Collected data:
^^^^^^^^
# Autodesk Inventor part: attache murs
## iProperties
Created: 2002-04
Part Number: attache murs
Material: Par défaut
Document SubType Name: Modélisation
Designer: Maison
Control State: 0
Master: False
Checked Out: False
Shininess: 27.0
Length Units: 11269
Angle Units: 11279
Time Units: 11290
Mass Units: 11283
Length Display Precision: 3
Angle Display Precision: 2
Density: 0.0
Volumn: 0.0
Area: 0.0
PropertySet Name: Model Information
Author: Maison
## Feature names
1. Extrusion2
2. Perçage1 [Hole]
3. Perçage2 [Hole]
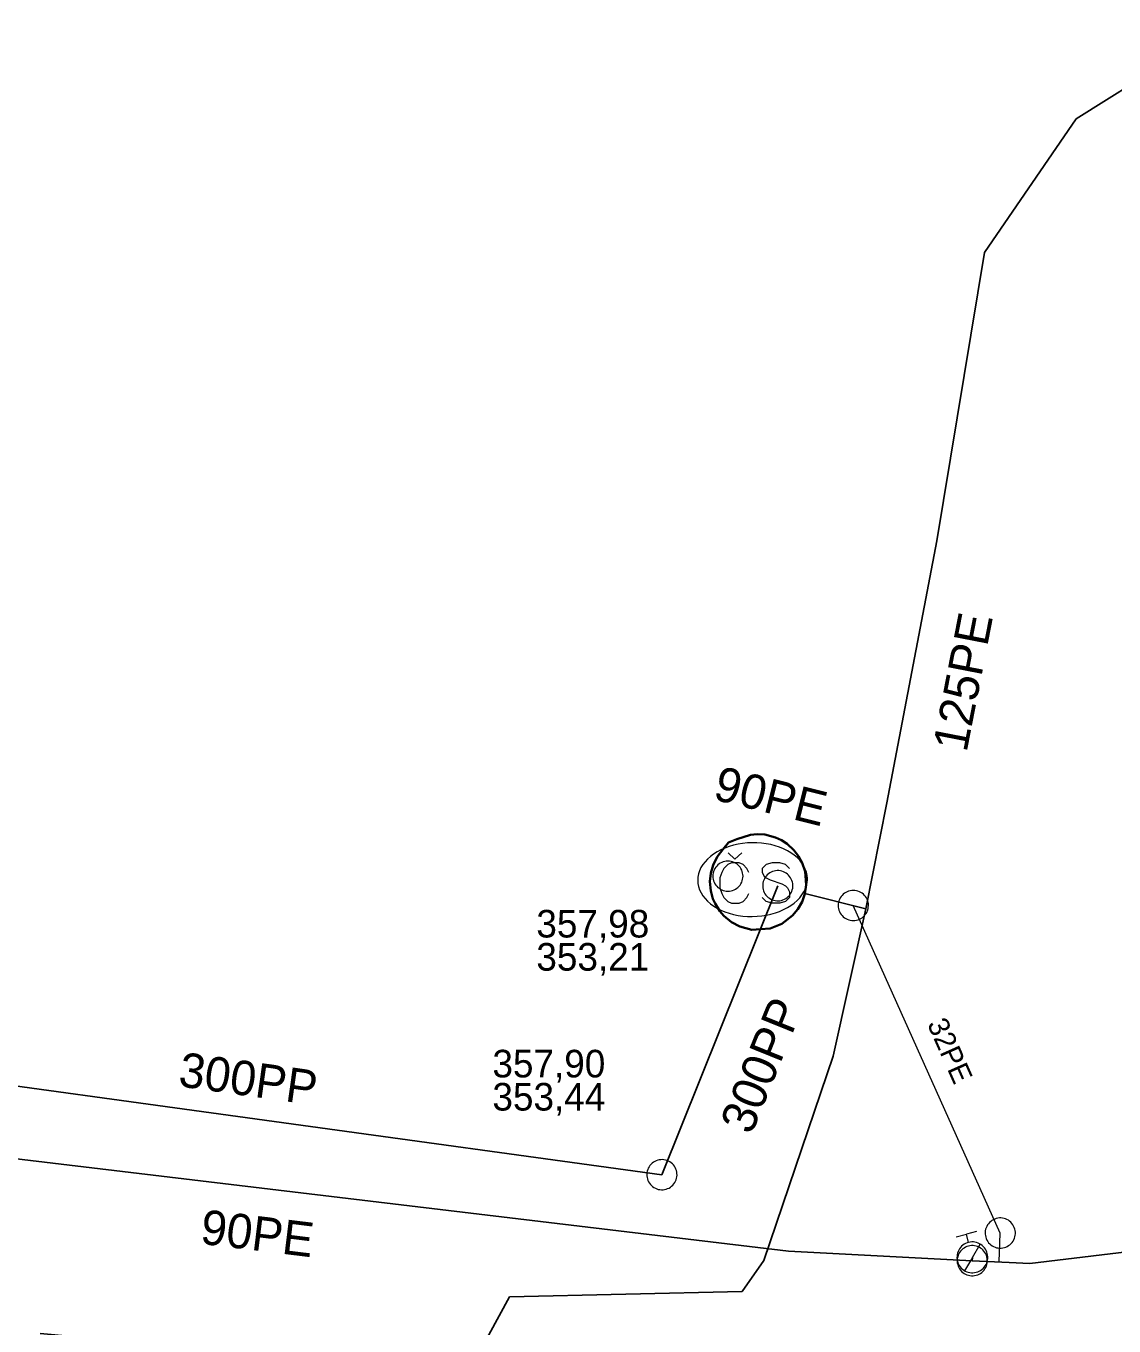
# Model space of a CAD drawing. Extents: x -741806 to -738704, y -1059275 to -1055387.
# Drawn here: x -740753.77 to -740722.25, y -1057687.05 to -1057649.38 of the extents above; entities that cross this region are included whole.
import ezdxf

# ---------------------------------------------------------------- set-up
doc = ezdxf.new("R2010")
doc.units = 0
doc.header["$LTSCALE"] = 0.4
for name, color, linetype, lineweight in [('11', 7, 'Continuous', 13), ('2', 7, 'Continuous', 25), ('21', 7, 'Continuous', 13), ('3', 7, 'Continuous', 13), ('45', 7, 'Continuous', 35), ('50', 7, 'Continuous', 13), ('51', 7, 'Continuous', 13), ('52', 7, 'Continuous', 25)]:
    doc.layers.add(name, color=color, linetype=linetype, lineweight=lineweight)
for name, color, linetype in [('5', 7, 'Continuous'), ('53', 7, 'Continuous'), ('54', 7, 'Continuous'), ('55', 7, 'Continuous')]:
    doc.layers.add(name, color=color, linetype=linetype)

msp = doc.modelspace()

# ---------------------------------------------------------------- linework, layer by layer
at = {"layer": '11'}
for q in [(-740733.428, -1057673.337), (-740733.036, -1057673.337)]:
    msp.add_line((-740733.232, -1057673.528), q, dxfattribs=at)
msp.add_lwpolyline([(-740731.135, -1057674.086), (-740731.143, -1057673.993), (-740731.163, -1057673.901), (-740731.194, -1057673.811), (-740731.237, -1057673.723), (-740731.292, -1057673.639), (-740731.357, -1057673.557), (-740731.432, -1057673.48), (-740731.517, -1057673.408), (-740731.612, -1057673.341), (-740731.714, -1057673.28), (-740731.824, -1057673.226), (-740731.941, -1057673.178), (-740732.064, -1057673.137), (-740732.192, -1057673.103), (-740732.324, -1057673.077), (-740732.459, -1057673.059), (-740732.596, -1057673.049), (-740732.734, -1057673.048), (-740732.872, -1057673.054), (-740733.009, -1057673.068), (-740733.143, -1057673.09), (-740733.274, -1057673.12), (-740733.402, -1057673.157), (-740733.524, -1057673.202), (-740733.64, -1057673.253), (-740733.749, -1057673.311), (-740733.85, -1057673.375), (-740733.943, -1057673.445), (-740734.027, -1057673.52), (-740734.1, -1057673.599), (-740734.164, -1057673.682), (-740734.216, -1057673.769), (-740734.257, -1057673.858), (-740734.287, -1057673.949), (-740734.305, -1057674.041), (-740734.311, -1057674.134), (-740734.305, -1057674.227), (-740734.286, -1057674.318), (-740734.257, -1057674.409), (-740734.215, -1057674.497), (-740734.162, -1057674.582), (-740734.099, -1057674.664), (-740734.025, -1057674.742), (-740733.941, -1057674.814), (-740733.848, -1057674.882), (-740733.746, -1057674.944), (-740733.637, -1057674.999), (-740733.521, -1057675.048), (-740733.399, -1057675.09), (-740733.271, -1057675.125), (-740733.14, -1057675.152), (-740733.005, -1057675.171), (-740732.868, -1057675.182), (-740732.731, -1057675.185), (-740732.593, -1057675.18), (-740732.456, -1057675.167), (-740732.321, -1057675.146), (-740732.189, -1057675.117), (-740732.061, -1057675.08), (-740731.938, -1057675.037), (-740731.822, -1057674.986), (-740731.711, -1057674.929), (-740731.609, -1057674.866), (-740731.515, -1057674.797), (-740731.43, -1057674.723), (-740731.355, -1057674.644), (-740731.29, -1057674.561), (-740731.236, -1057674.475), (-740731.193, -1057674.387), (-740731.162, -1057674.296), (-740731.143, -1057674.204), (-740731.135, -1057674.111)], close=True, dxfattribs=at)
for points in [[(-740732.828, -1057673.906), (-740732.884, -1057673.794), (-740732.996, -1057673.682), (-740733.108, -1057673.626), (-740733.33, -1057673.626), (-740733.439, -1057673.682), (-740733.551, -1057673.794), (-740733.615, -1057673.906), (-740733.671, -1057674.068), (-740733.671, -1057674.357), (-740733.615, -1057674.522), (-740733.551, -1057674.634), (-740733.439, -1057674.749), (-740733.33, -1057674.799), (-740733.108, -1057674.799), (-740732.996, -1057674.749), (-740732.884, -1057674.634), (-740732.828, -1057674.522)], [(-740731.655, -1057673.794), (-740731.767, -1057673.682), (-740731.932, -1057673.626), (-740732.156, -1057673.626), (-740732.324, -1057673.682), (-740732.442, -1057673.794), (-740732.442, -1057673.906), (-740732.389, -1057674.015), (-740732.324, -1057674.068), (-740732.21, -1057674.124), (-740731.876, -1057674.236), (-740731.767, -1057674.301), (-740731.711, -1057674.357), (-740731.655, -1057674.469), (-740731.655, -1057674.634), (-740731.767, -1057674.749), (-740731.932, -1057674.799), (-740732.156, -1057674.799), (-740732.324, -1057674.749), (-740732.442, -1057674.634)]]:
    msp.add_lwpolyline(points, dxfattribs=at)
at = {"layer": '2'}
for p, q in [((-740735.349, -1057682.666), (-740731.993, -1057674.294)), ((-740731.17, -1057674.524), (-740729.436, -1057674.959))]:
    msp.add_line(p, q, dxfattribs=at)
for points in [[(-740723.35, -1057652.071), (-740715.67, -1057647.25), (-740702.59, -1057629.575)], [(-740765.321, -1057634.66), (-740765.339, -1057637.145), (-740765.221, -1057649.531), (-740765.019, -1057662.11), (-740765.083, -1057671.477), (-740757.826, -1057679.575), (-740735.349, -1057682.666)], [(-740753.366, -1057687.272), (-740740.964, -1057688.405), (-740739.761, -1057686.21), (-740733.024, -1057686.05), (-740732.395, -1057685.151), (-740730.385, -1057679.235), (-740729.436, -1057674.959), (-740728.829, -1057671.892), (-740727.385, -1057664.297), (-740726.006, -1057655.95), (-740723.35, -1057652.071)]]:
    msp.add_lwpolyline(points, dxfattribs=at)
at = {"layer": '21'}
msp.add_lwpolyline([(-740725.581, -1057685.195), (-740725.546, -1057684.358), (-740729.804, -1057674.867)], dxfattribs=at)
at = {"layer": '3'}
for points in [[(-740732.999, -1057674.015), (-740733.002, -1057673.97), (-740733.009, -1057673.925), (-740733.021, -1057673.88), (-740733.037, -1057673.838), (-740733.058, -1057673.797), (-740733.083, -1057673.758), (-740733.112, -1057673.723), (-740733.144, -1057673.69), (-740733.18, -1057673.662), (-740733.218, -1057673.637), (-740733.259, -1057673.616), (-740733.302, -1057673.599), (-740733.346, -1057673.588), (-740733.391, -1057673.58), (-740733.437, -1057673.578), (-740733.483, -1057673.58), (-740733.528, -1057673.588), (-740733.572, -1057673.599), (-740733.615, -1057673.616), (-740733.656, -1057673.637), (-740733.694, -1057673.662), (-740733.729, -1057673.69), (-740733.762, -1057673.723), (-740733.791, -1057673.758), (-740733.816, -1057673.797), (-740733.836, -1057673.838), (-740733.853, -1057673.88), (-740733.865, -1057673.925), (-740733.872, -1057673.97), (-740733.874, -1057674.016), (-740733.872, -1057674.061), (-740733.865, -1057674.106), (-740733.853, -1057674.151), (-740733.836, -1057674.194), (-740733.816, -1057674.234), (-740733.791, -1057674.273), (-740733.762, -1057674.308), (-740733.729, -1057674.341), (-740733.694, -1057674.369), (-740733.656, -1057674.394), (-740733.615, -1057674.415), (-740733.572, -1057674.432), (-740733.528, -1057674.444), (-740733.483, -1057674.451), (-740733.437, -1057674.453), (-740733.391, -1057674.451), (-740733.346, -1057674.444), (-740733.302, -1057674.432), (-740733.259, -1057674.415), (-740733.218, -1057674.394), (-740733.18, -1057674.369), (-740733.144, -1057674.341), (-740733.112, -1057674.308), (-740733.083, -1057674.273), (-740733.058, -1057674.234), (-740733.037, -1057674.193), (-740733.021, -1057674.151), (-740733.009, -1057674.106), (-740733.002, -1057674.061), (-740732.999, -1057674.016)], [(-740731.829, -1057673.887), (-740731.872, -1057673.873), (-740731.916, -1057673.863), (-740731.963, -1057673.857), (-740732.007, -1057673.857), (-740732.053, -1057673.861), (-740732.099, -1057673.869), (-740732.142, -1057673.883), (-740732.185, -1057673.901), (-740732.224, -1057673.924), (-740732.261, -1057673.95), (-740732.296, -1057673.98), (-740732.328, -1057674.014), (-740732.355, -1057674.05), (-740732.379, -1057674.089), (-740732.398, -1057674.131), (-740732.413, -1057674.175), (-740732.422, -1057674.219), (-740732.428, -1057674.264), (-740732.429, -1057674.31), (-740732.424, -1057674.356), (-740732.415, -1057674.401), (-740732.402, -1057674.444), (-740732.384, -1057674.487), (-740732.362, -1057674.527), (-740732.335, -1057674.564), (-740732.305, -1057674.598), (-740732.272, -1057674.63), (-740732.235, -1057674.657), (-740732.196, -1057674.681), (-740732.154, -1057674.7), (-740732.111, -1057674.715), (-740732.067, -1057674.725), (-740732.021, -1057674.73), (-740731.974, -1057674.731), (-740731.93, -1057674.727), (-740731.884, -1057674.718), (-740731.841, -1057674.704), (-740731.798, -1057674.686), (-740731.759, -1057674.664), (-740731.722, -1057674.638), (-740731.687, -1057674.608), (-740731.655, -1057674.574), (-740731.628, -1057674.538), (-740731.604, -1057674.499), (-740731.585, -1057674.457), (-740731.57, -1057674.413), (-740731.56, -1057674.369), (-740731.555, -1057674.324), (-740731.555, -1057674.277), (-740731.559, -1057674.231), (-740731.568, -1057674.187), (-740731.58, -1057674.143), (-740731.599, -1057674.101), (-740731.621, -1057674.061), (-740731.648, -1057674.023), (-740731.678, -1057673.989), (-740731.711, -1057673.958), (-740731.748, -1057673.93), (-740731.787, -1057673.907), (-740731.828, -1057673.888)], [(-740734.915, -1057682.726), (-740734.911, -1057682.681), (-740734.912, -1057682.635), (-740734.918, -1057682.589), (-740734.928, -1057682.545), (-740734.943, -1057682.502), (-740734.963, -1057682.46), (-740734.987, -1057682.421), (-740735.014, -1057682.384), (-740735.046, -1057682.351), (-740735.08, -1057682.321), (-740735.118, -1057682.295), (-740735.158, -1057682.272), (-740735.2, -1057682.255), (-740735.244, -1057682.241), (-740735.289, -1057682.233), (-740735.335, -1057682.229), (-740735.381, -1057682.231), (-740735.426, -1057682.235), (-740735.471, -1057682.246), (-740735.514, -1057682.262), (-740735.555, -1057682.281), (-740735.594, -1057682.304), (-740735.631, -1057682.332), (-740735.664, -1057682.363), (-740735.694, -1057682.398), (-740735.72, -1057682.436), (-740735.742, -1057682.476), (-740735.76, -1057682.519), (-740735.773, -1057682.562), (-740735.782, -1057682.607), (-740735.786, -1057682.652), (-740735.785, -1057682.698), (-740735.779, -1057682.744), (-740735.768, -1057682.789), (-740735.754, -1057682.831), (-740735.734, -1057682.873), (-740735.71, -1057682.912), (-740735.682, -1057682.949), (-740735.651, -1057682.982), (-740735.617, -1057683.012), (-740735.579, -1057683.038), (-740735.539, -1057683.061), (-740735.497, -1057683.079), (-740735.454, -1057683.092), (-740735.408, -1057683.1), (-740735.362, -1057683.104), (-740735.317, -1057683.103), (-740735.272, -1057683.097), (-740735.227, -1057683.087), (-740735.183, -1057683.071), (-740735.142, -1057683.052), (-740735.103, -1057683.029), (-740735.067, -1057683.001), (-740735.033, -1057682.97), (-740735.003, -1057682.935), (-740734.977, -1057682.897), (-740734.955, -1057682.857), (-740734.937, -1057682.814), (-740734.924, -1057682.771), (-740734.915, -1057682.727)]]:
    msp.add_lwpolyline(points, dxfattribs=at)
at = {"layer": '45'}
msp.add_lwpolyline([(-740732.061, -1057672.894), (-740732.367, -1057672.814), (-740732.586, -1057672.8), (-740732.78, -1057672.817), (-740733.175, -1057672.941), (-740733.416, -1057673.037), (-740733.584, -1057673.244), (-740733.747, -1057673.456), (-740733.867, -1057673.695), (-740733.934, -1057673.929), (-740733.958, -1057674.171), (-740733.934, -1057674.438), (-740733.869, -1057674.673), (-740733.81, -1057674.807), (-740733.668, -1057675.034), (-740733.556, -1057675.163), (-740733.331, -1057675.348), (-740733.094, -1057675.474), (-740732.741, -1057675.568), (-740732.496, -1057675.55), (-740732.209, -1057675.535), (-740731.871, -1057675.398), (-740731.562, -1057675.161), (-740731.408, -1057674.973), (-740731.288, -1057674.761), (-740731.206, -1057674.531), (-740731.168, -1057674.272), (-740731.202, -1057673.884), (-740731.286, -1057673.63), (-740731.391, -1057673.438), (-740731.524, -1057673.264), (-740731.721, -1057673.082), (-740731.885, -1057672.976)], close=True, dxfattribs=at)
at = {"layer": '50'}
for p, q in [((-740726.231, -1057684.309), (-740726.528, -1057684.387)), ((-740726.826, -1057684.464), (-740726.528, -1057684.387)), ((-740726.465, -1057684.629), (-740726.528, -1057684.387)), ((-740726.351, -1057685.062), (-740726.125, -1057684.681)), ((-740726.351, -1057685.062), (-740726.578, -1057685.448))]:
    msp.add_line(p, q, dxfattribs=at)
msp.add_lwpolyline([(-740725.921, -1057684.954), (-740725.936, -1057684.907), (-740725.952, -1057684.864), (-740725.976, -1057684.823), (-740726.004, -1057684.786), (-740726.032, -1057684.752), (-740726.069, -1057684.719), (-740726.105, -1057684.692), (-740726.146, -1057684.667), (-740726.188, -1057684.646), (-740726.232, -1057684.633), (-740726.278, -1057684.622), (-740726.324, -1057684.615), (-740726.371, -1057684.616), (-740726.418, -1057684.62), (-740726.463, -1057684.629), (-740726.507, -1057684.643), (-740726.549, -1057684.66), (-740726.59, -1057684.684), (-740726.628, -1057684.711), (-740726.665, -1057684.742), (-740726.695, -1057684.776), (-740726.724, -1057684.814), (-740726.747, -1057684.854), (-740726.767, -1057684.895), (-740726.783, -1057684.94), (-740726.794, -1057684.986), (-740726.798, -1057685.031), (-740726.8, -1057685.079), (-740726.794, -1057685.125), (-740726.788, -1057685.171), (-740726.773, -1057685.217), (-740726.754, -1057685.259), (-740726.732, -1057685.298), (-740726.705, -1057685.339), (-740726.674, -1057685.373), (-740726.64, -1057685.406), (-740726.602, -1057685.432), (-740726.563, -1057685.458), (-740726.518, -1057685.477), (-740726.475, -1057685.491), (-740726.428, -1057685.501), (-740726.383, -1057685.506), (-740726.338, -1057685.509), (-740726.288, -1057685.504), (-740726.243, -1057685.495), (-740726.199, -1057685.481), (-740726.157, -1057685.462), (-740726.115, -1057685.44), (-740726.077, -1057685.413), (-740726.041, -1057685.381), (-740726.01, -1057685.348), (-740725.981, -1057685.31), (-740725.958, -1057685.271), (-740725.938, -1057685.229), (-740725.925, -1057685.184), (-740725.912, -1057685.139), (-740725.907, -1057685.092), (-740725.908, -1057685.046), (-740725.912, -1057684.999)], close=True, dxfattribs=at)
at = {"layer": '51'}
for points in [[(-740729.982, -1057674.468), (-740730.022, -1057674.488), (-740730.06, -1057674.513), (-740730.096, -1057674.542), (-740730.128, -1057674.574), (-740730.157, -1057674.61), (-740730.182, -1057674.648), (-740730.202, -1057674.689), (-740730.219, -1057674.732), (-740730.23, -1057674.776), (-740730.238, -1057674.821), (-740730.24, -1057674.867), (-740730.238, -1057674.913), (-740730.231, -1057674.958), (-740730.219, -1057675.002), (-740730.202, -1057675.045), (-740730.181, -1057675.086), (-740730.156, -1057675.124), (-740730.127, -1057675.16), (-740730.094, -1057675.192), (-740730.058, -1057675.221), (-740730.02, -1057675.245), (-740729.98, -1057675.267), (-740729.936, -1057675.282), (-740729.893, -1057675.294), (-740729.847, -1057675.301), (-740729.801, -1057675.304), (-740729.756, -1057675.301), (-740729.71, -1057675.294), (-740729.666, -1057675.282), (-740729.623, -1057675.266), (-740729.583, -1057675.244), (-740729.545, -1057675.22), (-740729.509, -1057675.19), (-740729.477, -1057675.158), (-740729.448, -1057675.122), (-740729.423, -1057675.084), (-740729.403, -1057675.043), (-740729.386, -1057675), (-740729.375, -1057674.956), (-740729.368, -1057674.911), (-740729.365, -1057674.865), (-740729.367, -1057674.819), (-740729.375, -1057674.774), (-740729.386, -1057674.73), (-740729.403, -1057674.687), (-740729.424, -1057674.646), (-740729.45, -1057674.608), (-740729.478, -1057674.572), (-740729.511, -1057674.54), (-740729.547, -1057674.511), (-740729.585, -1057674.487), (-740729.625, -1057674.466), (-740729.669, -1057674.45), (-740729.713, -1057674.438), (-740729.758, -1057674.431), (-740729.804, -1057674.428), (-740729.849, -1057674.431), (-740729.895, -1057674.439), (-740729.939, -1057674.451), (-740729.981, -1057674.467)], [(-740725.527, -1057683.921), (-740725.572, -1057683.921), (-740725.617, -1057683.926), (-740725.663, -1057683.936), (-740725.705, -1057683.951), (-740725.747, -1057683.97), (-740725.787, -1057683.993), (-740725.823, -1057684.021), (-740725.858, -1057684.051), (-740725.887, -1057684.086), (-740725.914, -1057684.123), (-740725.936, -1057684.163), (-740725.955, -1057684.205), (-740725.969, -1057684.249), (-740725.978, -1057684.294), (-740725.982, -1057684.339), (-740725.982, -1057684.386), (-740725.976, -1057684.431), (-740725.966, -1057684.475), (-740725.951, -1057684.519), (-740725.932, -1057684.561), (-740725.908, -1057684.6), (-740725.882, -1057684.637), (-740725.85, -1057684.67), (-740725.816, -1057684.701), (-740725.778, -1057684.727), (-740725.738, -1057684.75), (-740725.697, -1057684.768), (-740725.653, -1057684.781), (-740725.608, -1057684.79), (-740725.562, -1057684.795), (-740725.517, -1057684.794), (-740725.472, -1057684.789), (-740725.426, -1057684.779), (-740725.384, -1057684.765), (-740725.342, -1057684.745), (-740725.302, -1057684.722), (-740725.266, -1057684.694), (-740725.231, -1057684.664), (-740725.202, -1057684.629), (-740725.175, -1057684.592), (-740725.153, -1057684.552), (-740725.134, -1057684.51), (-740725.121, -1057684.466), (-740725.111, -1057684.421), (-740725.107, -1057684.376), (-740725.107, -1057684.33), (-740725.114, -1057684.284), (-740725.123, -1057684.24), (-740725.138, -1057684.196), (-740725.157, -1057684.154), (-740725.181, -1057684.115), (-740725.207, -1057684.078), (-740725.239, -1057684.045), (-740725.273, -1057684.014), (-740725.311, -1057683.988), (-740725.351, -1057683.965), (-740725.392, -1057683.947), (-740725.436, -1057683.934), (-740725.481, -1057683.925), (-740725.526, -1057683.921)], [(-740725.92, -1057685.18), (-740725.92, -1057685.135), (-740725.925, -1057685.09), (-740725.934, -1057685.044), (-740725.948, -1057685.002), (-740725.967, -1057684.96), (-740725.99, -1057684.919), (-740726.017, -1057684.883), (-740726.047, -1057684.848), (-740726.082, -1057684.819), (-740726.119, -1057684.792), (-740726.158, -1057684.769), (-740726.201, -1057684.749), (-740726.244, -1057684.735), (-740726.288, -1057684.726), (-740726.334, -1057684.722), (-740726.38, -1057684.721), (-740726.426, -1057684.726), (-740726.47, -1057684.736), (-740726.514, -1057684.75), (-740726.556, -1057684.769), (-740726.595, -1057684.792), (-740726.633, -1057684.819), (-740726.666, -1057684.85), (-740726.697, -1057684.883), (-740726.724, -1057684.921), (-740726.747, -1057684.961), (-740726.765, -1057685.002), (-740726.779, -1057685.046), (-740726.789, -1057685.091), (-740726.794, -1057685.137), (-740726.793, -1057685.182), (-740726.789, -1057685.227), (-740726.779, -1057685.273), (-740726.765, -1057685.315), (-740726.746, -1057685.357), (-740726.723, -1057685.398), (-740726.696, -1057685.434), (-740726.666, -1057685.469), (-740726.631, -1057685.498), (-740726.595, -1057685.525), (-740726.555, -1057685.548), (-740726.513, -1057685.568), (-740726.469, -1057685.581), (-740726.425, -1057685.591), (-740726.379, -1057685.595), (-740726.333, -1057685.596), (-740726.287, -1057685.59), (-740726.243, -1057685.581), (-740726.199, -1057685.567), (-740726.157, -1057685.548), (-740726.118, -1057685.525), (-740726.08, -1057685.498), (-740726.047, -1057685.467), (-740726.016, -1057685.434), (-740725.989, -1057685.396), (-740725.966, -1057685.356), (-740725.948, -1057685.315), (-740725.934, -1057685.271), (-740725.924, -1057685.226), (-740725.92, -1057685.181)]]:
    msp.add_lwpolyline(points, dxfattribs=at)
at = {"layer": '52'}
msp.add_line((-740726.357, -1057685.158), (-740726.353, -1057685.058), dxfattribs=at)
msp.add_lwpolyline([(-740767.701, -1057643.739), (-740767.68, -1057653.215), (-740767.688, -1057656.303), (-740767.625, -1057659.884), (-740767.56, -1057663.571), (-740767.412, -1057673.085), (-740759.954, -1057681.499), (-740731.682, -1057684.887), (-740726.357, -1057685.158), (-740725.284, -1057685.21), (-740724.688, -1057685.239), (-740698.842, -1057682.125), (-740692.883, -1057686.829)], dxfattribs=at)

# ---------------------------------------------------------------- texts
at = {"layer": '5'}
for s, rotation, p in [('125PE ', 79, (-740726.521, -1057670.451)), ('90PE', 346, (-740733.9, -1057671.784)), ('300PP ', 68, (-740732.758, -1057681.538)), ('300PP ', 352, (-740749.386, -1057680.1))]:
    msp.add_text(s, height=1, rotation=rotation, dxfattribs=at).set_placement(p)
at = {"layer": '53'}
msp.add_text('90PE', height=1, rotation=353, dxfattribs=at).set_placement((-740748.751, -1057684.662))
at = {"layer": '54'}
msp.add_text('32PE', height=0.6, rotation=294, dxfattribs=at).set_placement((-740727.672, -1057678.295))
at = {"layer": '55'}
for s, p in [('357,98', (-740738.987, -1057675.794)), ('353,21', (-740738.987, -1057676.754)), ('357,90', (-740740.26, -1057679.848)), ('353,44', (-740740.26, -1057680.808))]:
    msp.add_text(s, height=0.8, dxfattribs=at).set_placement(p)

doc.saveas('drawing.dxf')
^^^^^^^^
Show every line from the entries that includes the word "Display".

__ANSWER FOR THIS EXERCISE__.
Length Display Precision: 3
Angle Display Precision: 2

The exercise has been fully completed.